Morning Ed: Politics {2016.11.22.T}
How an unpopular party with an unpopular presidential nominee won everything.
Is there anyone worse for science than scientists?
When someone calls the electoral college, someone’s gotta answer. Shortly after the election, Nate Silver looked at the future EC prospects of the Democrats. This is the second straight inverted result where most of the conversation leading up to the election assumed the advantage ran the other way.
Much has been written about Trump’s downscale supporters, but probably not as much about his upscale ones. I believe that when we talk about Trump supporters, we need to be clear whether we’re talking about his hardcore supporters, his median voters, and his marginal ones.

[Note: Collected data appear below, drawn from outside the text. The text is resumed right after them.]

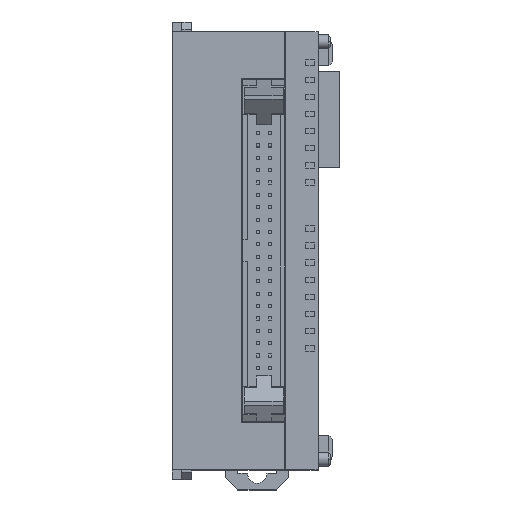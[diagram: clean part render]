
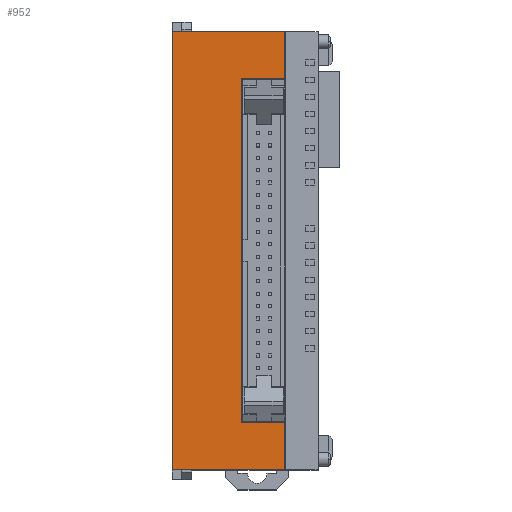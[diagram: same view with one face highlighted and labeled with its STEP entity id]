
A CAD part, top view. The second image highlights one B-rep face of the part: STEP entity #952.
In plain terms, the highlighted planar face has unit normal (0, 0, 1).
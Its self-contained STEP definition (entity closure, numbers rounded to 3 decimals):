
#935 = ORIENTED_EDGE ( 'NONE', *, *, #940, .F. ) ;
#937 = ORIENTED_EDGE ( 'NONE', *, *, #938, .F. ) ;
#938 = EDGE_CURVE ( 'NONE', #1701, #951, #12982, .T. ) ;
#940 = EDGE_CURVE ( 'NONE', #966, #3637, #12980, .T. ) ;
#942 = ORIENTED_EDGE ( 'NONE', *, *, #15643, .T. ) ;
#951 = VERTEX_POINT ( 'NONE', #13021 ) ;
#952 = ADVANCED_FACE ( 'NONE', ( #13016 ), #13020, .T. ) ;
#955 = EDGE_CURVE ( 'NONE', #951, #968, #13014, .T. ) ;
#956 = ORIENTED_EDGE ( 'NONE', *, *, #3719, .T. ) ;
#957 = ORIENTED_EDGE ( 'NONE', *, *, #960, .F. ) ;
#958 = ORIENTED_EDGE ( 'NONE', *, *, #1710, .T. ) ;
#959 = ORIENTED_EDGE ( 'NONE', *, *, #976, .F. ) ;
#960 = EDGE_CURVE ( 'NONE', #968, #965, #13017, .T. ) ;
#962 = EDGE_LOOP ( 'NONE', ( #959, #957, #972, #937, #958, #942, #956, #935 ) ) ;
#965 = VERTEX_POINT ( 'NONE', #13066 ) ;
#966 = VERTEX_POINT ( 'NONE', #13004 ) ;
#968 = VERTEX_POINT ( 'NONE', #13071 ) ;
#972 = ORIENTED_EDGE ( 'NONE', *, *, #955, .F. ) ;
#976 = EDGE_CURVE ( 'NONE', #965, #966, #13048, .T. ) ;
#1701 = VERTEX_POINT ( 'NONE', #14214 ) ;
#1706 = VERTEX_POINT ( 'NONE', #14226 ) ;
#1710 = EDGE_CURVE ( 'NONE', #1701, #1706, #14217, .T. ) ;
#3637 = VERTEX_POINT ( 'NONE', #17481 ) ;
#3716 = VERTEX_POINT ( 'NONE', #17609 ) ;
#3719 = EDGE_CURVE ( 'NONE', #3716, #3637, #17600, .T. ) ;
#12972 = CARTESIAN_POINT ( 'NONE',  ( -15., -45., 60. ) ) ;
#12975 = DIRECTION ( 'NONE',  ( 0., -1., 0. ) ) ;
#12976 = VECTOR ( 'NONE', #12975, 1000. ) ;
#12979 = CARTESIAN_POINT ( 'NONE',  ( 8.2, 45., 60. ) ) ;
#12980 = LINE ( 'NONE', #12979, #13032 ) ;
#12981 = CARTESIAN_POINT ( 'NONE',  ( 8.2, 45., 60. ) ) ;
#12982 = LINE ( 'NONE', #12981, #12976 ) ;
#13004 = CARTESIAN_POINT ( 'NONE',  ( 8.2, -35.4, 60. ) ) ;
#13005 = DIRECTION ( 'NONE',  ( -1., 0., 0. ) ) ;
#13006 = VECTOR ( 'NONE', #13005, 1000. ) ;
#13007 = VECTOR ( 'NONE', #13022, 1000. ) ;
#13011 = DIRECTION ( 'NONE',  ( 1., 0., 0. ) ) ;
#13012 = DIRECTION ( 'NONE',  ( 0., 0., 1. ) ) ;
#13013 = CARTESIAN_POINT ( 'NONE',  ( 8.3, 35.4, 60. ) ) ;
#13014 = LINE ( 'NONE', #13013, #13006 ) ;
#13016 = FACE_OUTER_BOUND ( 'NONE', #962, .T. ) ;
#13017 = LINE ( 'NONE', #13023, #13007 ) ;
#13020 = PLANE ( 'NONE',  #13026 ) ;
#13021 = CARTESIAN_POINT ( 'NONE',  ( 8.2, 35.4, 60. ) ) ;
#13022 = DIRECTION ( 'NONE',  ( 0., -1., 0. ) ) ;
#13023 = CARTESIAN_POINT ( 'NONE',  ( -0.7, 35.4, 60. ) ) ;
#13026 = AXIS2_PLACEMENT_3D ( 'NONE', #12972, #13012, #13011 ) ;
#13031 = DIRECTION ( 'NONE',  ( 0., -1., 0. ) ) ;
#13032 = VECTOR ( 'NONE', #13031, 1000. ) ;
#13045 = DIRECTION ( 'NONE',  ( 1., 0., 0. ) ) ;
#13046 = VECTOR ( 'NONE', #13045, 1000. ) ;
#13047 = CARTESIAN_POINT ( 'NONE',  ( 8.3, -35.4, 60. ) ) ;
#13048 = LINE ( 'NONE', #13047, #13046 ) ;
#13066 = CARTESIAN_POINT ( 'NONE',  ( -0.7, -35.4, 60. ) ) ;
#13071 = CARTESIAN_POINT ( 'NONE',  ( -0.7, 35.4, 60. ) ) ;
#14214 = CARTESIAN_POINT ( 'NONE',  ( 8.2, 45., 60. ) ) ;
#14217 = LINE ( 'NONE', #14267, #14266 ) ;
#14226 = CARTESIAN_POINT ( 'NONE',  ( -15., 45., 60. ) ) ;
#14265 = DIRECTION ( 'NONE',  ( -1., 0., 0. ) ) ;
#14266 = VECTOR ( 'NONE', #14265, 1000. ) ;
#14267 = CARTESIAN_POINT ( 'NONE',  ( -15., 45., 60. ) ) ;
#15643 = EDGE_CURVE ( 'NONE', #1706, #3716, #29794, .T. ) ;
#17481 = CARTESIAN_POINT ( 'NONE',  ( 8.2, -45., 60. ) ) ;
#17597 = DIRECTION ( 'NONE',  ( 1., 0., 0. ) ) ;
#17598 = VECTOR ( 'NONE', #17597, 1000. ) ;
#17599 = CARTESIAN_POINT ( 'NONE',  ( -15., -45., 60. ) ) ;
#17600 = LINE ( 'NONE', #17599, #17598 ) ;
#17609 = CARTESIAN_POINT ( 'NONE',  ( -15., -45., 60. ) ) ;
#29794 = LINE ( 'NONE', #29867, #29866 ) ;
#29865 = DIRECTION ( 'NONE',  ( 0., -1., 0. ) ) ;
#29866 = VECTOR ( 'NONE', #29865, 1000. ) ;
#29867 = CARTESIAN_POINT ( 'NONE',  ( -15., 45., 60. ) ) ;

Each is important in its own way.
Progress in some of the most unexpected places and ways.
Isaiah Carter shares his thoughts on the Democrats’ Failed Northern Strategy.
Donald Trump and Pat Toomey won by similar amounts, but that doesn’t mean they got the same voters.
This seems fair, I suppose, to an extent. A lot of it depends on answering the question of “What changed?” and preferably a degree of humility. But when some people flip, they often not only lack humility but start attacking me from the other side.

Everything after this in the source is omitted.